So I'm writing an undergraduate paper using numerical linear algebra and applying it to a problem of my choice, and I chose the PageRank algorithm, via the Power Method.
I've wrote a python code that implements the Power Method to compute the page rank of a transition matrix that I specified. Which isn't very useful as I actually want to calculate the PageRank of a large Website and the matrices will be huge.

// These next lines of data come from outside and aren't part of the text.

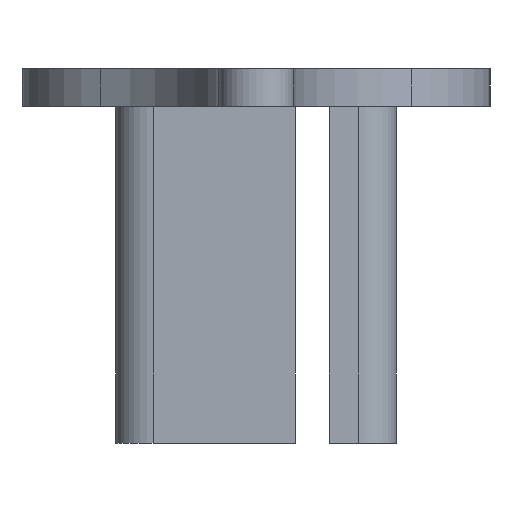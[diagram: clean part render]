
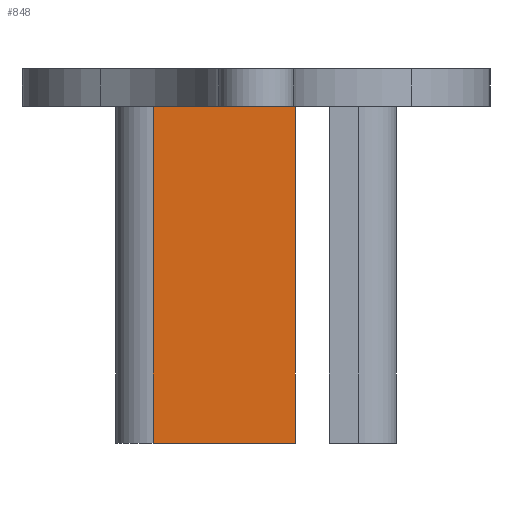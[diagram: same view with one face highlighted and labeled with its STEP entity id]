
A CAD part, left-side view. The second image highlights one B-rep face of the part: STEP entity #848.
In plain terms, the highlighted planar face has unit normal (-1, 0, 0).
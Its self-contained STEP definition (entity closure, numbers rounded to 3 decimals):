
#31=PLANE('',#919);
#72=FACE_OUTER_BOUND('',#117,.T.);
#117=EDGE_LOOP('',(#660,#661,#662,#663));
#196=LINE('',#1354,#289);
#197=LINE('',#1356,#290);
#198=LINE('',#1358,#291);
#199=LINE('',#1359,#292);
#289=VECTOR('',#1098,10.);
#290=VECTOR('',#1099,10.);
#291=VECTOR('',#1100,10.);
#292=VECTOR('',#1101,10.);
#417=VERTEX_POINT('',#1352);
#418=VERTEX_POINT('',#1353);
#419=VERTEX_POINT('',#1355);
#420=VERTEX_POINT('',#1357);
#518=EDGE_CURVE('',#417,#418,#196,.T.);
#519=EDGE_CURVE('',#419,#418,#197,.T.);
#520=EDGE_CURVE('',#419,#420,#198,.T.);
#521=EDGE_CURVE('',#417,#420,#199,.T.);
#660=ORIENTED_EDGE('',*,*,#518,.T.);
#661=ORIENTED_EDGE('',*,*,#519,.F.);
#662=ORIENTED_EDGE('',*,*,#520,.T.);
#663=ORIENTED_EDGE('',*,*,#521,.F.);
#848=ADVANCED_FACE('',(#72),#31,.T.);
#919=AXIS2_PLACEMENT_3D('',#1351,#1096,#1097);
#1096=DIRECTION('center_axis',(-1.,0.,0.));
#1097=DIRECTION('ref_axis',(0.,1.,0.));
#1098=DIRECTION('',(0.,0.,1.));
#1099=DIRECTION('',(0.,-1.,0.));
#1100=DIRECTION('',(0.,0.,-1.));
#1101=DIRECTION('',(0.,1.,0.));
#1351=CARTESIAN_POINT('Origin',(0.,1.,132.));
#1352=CARTESIAN_POINT('',(0.,2.7,122.));
#1353=CARTESIAN_POINT('',(0.,2.7,131.));
#1354=CARTESIAN_POINT('',(0.,2.7,127.));
#1355=CARTESIAN_POINT('',(0.,6.5,131.));
#1356=CARTESIAN_POINT('',(0.,1.875,131.));
#1357=CARTESIAN_POINT('',(0.,6.5,122.));
#1358=CARTESIAN_POINT('',(0.,6.5,132.));
#1359=CARTESIAN_POINT('',(0.,1.,122.));
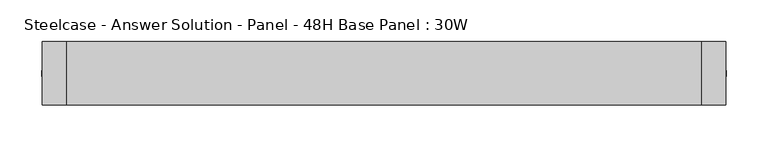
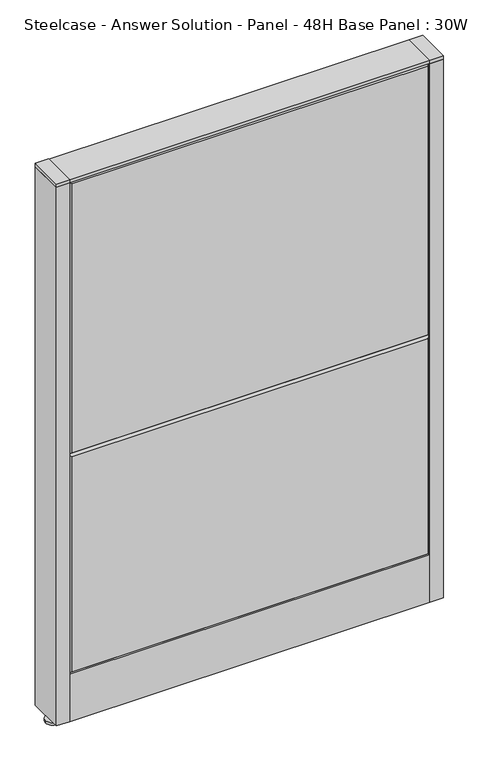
"""IFC4 building model written with IfcOpenShell, lengths in millimetres: furniture geometry, Steelcase - Answer Solution - Panel - 48H Base Panel : 30W."""

from ifc_helpers import new_model, si_unit, point, frame, frame_2d, origin, place, context, project, spatial, polyline, circle_curve, trimmed, segment, composite_curve, outline, extrude, faceted_brep, source, transform, mapped, element, save


def steelcase_answer_solution_panel_48h_base_panel_30w_5478dd08(model_context):
    return source(origin(), model_context, "Body", "SolidModel", [
        extrude(outline(composite_curve([segment(trimmed(circle_curve(frame_2d((395.224, 0.0320214)), 5.08), [point((400.304, 0.0320214))], [point((390.144, 0.0320214))], False, "CARTESIAN"), True, "CONTINUOUS"), segment(trimmed(circle_curve(frame_2d((395.224, 0.0320214)), 5.08), [point((390.144, 0.0320214))], [point((400.304, 0.0320214))], False, "CARTESIAN"), True, "CONTINUOUS")], self_intersect=False)), frame((0.0, 0.0, 5.0799671), z_axis=(0.0, 0.0, 1.0), x_axis=(1.0, 0.0, 0.0)), (0.0, 0.0, 1.0), 10.414),
        extrude(outline(composite_curve([segment(trimmed(circle_curve(frame_2d((395.224, 0.0320214)), 15.24), [point((410.464, 0.0320214))], [point((379.984, 0.0320214))], False, "CARTESIAN"), True, "CONTINUOUS"), segment(trimmed(circle_curve(frame_2d((395.224, 0.0320214)), 15.24), [point((379.984, 0.0320214))], [point((410.464, 0.0320214))], False, "CARTESIAN"), True, "CONTINUOUS")], self_intersect=False)), frame((0.0, 0.0, -3.29e-05), z_axis=(0.0, 0.0, 1.0), x_axis=(1.0, 0.0, 0.0)), (0.0, 0.0, 1.0), 5.08),
        extrude(outline(polyline([(409.575, 38.1320408), (409.575, -38.0679592), (381.0, -38.0679592), (381.0, 38.1320408), (409.575, 38.1320408)])), frame((0.0, 0.0, 1218.2348), z_axis=(0.0, 0.0, 1.0), x_axis=(1.0, 0.0, 0.0)), (0.0, 0.0, 1.0), 7.3151671),
        extrude(outline(polyline([(409.575, 38.1320408), (409.575, -38.0679592), (381.0, -38.0679592), (381.0, 38.1320408), (409.575, 38.1320408)])), frame((0.0, 0.0, 15.4939671), z_axis=(0.0, 0.0, 1.0), x_axis=(1.0, 0.0, 0.0)), (0.0, 0.0, 1.0), 1202.7408329),
        extrude(outline(composite_curve([segment(trimmed(circle_curve(frame_2d((-395.224, 0.0320214)), 5.08), [point((-400.304, 0.0320214))], [point((-390.144, 0.0320214))], False, "CARTESIAN"), True, "CONTINUOUS"), segment(trimmed(circle_curve(frame_2d((-395.224, 0.0320214)), 5.08), [point((-390.144, 0.0320214))], [point((-400.304, 0.0320214))], False, "CARTESIAN"), True, "CONTINUOUS")], self_intersect=False)), frame((0.0, 0.0, 5.0799671), z_axis=(0.0, 0.0, 1.0), x_axis=(1.0, 0.0, 0.0)), (0.0, 0.0, 1.0), 10.414),
        extrude(outline(composite_curve([segment(trimmed(circle_curve(frame_2d((-395.224, 0.0320214)), 15.24), [point((-410.464, 0.0320214))], [point((-379.984, 0.0320214))], False, "CARTESIAN"), True, "CONTINUOUS"), segment(trimmed(circle_curve(frame_2d((-395.224, 0.0320214)), 15.24), [point((-379.984, 0.0320214))], [point((-410.464, 0.0320214))], False, "CARTESIAN"), True, "CONTINUOUS")], self_intersect=False)), frame((0.0, 0.0, -3.29e-05), z_axis=(0.0, 0.0, 1.0), x_axis=(1.0, 0.0, 0.0)), (0.0, 0.0, 1.0), 5.08),
        extrude(outline(polyline([(-409.575, 38.1320408), (-381.0, 38.1320408), (-381.0, -38.0679592), (-409.575, -38.0679592), (-409.575, 38.1320408)])), frame((0.0, 0.0, 1218.2348), z_axis=(0.0, 0.0, 1.0), x_axis=(1.0, 0.0, 0.0)), (0.0, 0.0, 1.0), 7.3151671),
        extrude(outline(polyline([(-409.575, 38.1320408), (-381.0, 38.1320408), (-381.0, -38.0679592), (-409.575, -38.0679592), (-409.575, 38.1320408)])), frame((0.0, 0.0, 15.4939671), z_axis=(0.0, 0.0, 1.0), x_axis=(1.0, 0.0, 0.0)), (0.0, 0.0, 1.0), 1202.7408329),
        faceted_brep([(-376.174, 38.1635011, 1214.374), (376.174, 38.1635011, 1214.374), (376.174, 38.1635011, 614.426), (-376.174, 38.1635011, 614.426), (-381.0, 33.3375011, 1219.2), (-381.0, 33.3375011, 609.6), (381.0, 33.3375011, 609.6), (381.0, 33.3375011, 1219.2)], [[[0, 1, 2, 3]], [[4, 5, 6, 7]], [[4, 7, 1, 0]], [[7, 6, 2, 1]], [[6, 5, 3, 2]], [[5, 4, 0, 3]]]),
        faceted_brep([(-376.174, 38.1635011, 604.774), (376.174, 38.1635011, 604.774), (376.174, 38.1635011, 125.476), (-376.174, 38.1635011, 125.476), (-381.0, 33.3375011, 609.6), (-381.0, 33.3375011, 120.65), (381.0, 33.3375011, 120.65), (381.0, 33.3375011, 609.6)], [[[0, 1, 2, 3]], [[4, 5, 6, 7]], [[4, 7, 1, 0]], [[7, 6, 2, 1]], [[6, 5, 3, 2]], [[5, 4, 0, 3]]]),
        faceted_brep([(376.174, -38.1635011, 1214.374), (-376.174, -38.1635011, 1214.374), (-376.174, -38.1635011, 614.426), (376.174, -38.1635011, 614.426), (381.0, -33.3375011, 1219.2), (381.0, -33.3375011, 609.6), (-381.0, -33.3375011, 609.6), (-381.0, -33.3375011, 1219.2)], [[[0, 1, 2, 3]], [[4, 5, 6, 7]], [[4, 7, 1, 0]], [[7, 6, 2, 1]], [[6, 5, 3, 2]], [[5, 4, 0, 3]]]),
        faceted_brep([(376.174, -38.1635011, 604.774), (-376.174, -38.1635011, 604.774), (-376.174, -38.1635011, 125.476), (376.174, -38.1635011, 125.476), (381.0, -33.3375011, 609.6), (381.0, -33.3375011, 120.65), (-381.0, -33.3375011, 120.65), (-381.0, -33.3375011, 609.6)], [[[0, 1, 2, 3]], [[4, 5, 6, 7]], [[4, 7, 1, 0]], [[7, 6, 2, 1]], [[6, 5, 3, 2]], [[5, 4, 0, 3]]]),
        extrude(outline(polyline([(381.0, 38.1000194), (381.0, -38.1000194), (-381.0, -38.1000194), (-381.0, 38.1000194), (381.0, 38.1000194)])), frame((0.0, 0.0, 1219.2), z_axis=(0.0, 0.0, 1.0), x_axis=(1.0, 0.0, 0.0)), (0.0, 0.0, 1.0), 6.35),
        extrude(outline(polyline([(25.4000011, 119.8575157), (25.4000011, 120.65), (38.1000194, 120.65), (38.1000194, 15.494), (37.3075215, 15.494), (37.3075215, 119.8575157), (25.4000011, 119.8575157)])), frame((-381.0, 0.0, 0.0), z_axis=(1.0, 0.0, 0.0), x_axis=(0.0, 1.0, 0.0)), (0.0, 0.0, 1.0), 762.0),
        extrude(outline(polyline([(-25.4000011, 119.8575157), (-37.3075215, 119.8575157), (-37.3075215, 15.494), (-38.1000194, 15.494), (-38.1000194, 120.65), (-25.4000011, 120.65), (-25.4000011, 119.8575157)])), frame((-381.0, 0.0, 0.0), z_axis=(1.0, 0.0, 0.0), x_axis=(0.0, 1.0, 0.0)), (0.0, 0.0, 1.0), 762.0),
    ])


if __name__ == "__main__":
    model = new_model("IFC4")
    model_context = context("Model", 3, world=origin())
    ifc_project = project(units=[si_unit("LENGTHUNIT", "METRE", prefix="MILLI")], contexts=[model_context])
    site = spatial("IfcSite", under=ifc_project)
    building = spatial("IfcBuilding", under=site)
    placement = place(None, origin())
    steelcase_answer_solution_panel_48h_base_panel_30w_shape = steelcase_answer_solution_panel_48h_base_panel_30w_5478dd08(model_context)
    element("IfcFurniture", 1, ObjectType="Steelcase - Answer Solution - Panel - 48H Base Panel : 30W", at=placement, inside=building, context=model_context, shape_type="MappedRepresentation", body=[
        mapped(steelcase_answer_solution_panel_48h_base_panel_30w_shape, transform((0.0, 0.0, 0.0), x_axis=(1.0, 0.0, 0.0), y_axis=(0.0, 1.0, 0.0), z_axis=(0.0, 0.0, 1.0))),
    ])
    save(model, "model.ifc")

Is there a way to add a crawler or surfer that will generate the transition matrix for any website to my python code and then carry out the algorithm? I know its pretty simple in MATLAB but I don't want to pay for it just for this.
import numpy as np
#original transition matrix a
a = np.matrix ([
[0,0,0,0,0,0],
[1.0,0,1.0/3.0,1.0/3.0,1.0/4.0,0],
[0,1.0/3.0,0,1.0/3.0,1.0/4.0,0],
[0,1.0/3.0,1.0/3.0,0,1.0/4.0,0],
[0,1.0/3.0,1.0/3.0,1.0/3.0,0,0],
[0,0,0,0,1.0/4.0,0]])
print 'a:', '\n',a
#now make the google matric with damping factor 0.85
b =(float(1)/float(6))*np.matrix([
[1,1,1,1,1,1],
[1,1,1,1,1,1],
[1,1,1,1,1,1],
[1,1,1,1,1,1],
[1,1,1,1,1,1],
[1,1,1,1,1,1]])
m = 0.15*a+0.85*b
print 'm:','\n',m
#now define the original normalized vector v
v = (float(1)/float(6))*np.matrix([
[1],
[1],
[1],
[1],
[1],
[1]])
print 'v:','\n',v
count = 0
#now define the pagerank function, and then apply m to the vector until it
#converges. The converge difference is set to 0.001
def pagerank(v):
global count
if sum(abs(m*v-v))>0.001 :
count+=1
print 'count',count
print m*v
print 'sum(abs(m*v-v))', sum(abs(m*v-v))
return pagerank(m*v)
else:
count+=1
print 'count', count
print m*v
print 'sum(abs(m*v-v))', sum(abs(m*v-v))
return m*v
result = pagerank(v)
#now we print the result
print 'result', '\n', sorted(result, reverse=True)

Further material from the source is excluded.